▶ **Exercise directions**
Look through the records below for lines containing the string "IfcProject", and report how many there are, nothing else.

[Start of section]

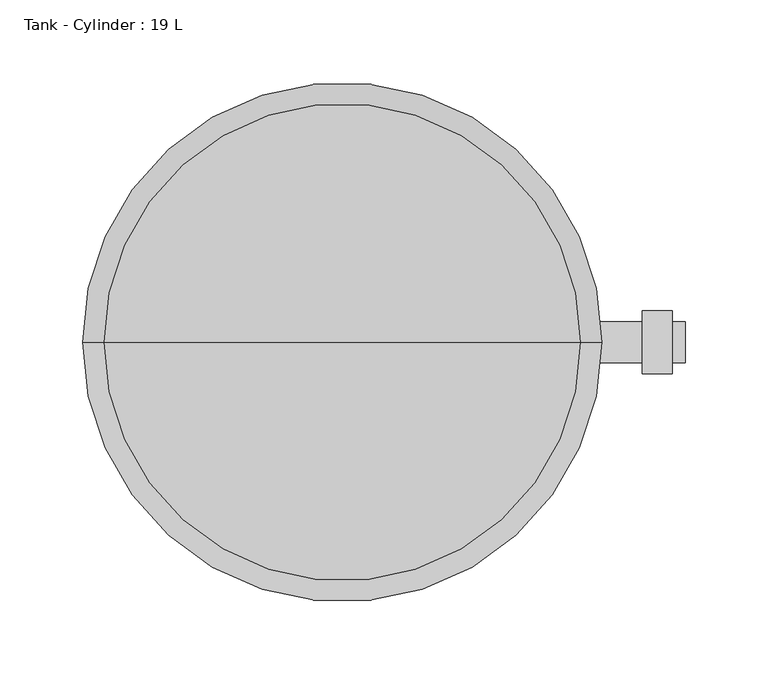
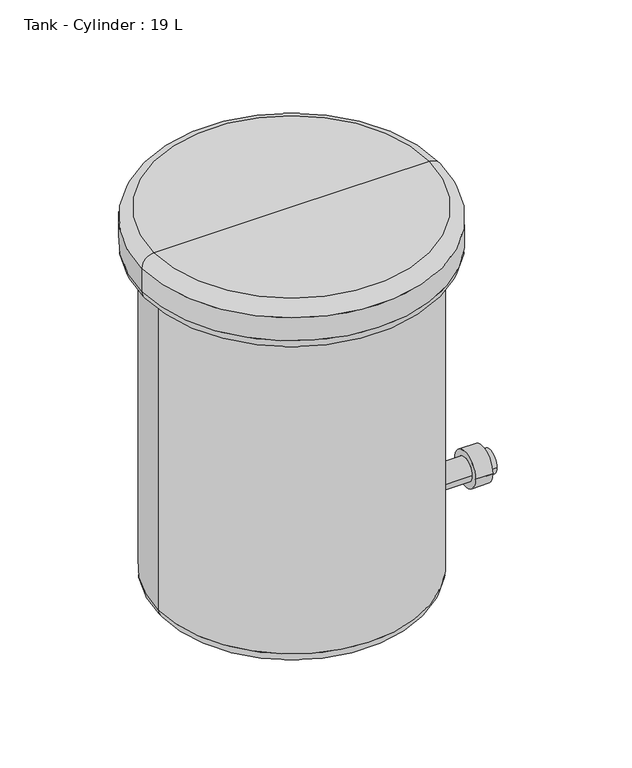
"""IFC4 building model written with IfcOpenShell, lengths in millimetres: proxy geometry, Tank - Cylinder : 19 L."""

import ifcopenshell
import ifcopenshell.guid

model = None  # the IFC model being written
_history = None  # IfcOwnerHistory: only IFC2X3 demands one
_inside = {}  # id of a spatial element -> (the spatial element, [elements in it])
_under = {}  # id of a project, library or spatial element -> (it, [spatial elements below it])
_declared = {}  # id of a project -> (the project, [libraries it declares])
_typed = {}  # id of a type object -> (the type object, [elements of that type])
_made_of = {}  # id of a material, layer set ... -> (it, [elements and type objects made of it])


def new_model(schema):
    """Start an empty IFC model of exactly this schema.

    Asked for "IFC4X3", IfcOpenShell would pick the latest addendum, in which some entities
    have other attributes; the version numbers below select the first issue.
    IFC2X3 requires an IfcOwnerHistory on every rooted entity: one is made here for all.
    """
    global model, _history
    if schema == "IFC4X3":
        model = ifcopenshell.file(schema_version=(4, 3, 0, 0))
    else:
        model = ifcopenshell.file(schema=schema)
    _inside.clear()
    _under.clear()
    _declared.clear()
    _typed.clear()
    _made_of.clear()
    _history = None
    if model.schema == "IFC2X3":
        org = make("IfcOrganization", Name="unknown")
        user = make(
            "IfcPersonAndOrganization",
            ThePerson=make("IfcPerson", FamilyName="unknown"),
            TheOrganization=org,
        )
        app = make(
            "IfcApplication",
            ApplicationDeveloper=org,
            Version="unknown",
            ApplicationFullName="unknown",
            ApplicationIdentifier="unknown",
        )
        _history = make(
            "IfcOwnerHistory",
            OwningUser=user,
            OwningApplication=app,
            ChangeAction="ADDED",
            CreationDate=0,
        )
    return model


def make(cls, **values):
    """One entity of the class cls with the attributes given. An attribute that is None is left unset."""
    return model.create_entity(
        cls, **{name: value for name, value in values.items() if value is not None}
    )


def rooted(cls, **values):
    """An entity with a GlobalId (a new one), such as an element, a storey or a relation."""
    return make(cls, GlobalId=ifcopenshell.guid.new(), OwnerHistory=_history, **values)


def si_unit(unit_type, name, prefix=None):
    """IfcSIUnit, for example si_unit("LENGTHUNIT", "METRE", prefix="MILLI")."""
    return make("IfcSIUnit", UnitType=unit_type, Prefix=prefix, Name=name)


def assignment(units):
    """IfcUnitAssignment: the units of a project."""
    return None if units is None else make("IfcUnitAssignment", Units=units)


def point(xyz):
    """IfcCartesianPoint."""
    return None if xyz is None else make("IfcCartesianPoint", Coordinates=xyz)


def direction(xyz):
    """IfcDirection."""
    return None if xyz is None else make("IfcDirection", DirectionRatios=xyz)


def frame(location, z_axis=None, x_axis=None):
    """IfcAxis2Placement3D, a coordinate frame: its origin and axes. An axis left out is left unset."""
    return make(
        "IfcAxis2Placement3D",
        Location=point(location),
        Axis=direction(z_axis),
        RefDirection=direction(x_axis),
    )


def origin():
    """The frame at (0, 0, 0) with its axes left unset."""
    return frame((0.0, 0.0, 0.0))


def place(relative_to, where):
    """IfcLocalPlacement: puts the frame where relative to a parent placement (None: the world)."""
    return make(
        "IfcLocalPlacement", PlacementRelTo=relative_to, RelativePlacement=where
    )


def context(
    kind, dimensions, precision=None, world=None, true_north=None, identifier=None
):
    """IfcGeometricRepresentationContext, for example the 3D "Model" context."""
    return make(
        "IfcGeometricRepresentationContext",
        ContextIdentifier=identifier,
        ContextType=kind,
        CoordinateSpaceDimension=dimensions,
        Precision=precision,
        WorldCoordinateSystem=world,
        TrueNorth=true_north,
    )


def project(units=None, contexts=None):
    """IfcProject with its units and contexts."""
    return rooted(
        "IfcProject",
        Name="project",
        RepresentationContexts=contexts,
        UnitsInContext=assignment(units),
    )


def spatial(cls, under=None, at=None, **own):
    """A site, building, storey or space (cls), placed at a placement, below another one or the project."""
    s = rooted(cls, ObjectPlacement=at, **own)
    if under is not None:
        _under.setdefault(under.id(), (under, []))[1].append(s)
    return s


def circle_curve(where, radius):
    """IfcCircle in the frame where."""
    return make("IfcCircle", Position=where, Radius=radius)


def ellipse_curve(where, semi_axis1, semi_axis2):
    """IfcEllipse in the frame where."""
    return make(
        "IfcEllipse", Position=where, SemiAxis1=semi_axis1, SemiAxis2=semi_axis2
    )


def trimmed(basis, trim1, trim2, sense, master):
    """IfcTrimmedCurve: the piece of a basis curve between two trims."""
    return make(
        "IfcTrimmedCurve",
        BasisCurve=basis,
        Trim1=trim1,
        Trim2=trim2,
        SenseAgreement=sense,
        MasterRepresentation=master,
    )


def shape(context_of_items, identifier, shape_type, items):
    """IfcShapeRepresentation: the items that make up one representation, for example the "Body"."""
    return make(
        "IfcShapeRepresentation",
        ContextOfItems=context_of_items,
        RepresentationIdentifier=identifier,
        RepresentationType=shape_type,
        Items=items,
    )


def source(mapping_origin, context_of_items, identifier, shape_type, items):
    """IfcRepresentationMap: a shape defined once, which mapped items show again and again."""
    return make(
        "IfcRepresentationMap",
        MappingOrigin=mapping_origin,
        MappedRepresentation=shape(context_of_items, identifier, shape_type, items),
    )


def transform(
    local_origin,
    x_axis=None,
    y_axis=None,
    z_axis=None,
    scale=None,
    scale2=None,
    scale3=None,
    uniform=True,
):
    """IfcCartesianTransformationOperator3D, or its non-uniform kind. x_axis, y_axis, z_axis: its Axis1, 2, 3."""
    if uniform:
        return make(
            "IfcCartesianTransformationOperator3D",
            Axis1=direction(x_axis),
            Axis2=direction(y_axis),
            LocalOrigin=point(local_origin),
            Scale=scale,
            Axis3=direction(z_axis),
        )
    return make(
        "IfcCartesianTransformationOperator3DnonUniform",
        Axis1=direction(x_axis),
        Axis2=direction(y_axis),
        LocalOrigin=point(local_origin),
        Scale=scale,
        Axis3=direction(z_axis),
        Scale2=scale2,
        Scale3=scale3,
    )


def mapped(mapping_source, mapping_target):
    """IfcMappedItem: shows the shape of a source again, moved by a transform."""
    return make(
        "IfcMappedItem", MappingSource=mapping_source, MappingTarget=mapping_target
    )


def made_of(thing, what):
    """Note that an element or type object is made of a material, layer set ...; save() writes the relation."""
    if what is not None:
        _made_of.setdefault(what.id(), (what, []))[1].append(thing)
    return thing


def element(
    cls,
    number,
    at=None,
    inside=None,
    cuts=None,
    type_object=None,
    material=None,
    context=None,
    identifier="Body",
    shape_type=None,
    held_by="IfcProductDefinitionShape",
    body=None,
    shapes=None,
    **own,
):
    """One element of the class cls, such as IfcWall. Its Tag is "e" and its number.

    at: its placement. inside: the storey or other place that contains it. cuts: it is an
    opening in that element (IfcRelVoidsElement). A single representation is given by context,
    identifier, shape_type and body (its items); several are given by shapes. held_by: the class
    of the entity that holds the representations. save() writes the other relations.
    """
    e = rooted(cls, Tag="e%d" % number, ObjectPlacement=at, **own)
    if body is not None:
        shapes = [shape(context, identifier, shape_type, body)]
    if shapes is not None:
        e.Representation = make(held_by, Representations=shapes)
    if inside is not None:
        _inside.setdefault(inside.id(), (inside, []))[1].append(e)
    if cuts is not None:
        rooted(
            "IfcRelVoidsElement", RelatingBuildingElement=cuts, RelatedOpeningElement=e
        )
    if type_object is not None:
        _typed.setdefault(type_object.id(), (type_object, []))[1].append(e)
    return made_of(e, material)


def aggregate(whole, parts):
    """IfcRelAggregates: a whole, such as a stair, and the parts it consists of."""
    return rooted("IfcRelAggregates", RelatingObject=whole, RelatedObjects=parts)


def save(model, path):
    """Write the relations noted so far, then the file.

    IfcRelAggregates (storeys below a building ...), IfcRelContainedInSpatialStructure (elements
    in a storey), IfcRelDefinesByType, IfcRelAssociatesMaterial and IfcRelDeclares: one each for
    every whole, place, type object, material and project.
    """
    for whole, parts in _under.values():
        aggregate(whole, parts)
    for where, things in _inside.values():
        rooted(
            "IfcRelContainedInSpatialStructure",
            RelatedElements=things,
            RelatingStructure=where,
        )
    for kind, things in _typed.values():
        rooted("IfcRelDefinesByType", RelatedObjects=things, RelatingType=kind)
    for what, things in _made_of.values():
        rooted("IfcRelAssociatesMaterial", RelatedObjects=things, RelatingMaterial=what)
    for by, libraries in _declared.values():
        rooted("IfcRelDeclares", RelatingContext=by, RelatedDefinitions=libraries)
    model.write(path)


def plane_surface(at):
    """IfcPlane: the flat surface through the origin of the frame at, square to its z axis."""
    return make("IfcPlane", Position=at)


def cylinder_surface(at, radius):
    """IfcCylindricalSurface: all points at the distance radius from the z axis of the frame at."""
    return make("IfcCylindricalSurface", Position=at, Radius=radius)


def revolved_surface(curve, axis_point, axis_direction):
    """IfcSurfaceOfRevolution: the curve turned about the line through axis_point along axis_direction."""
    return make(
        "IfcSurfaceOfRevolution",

[End of section]

▶ **Solution to this exercise**
2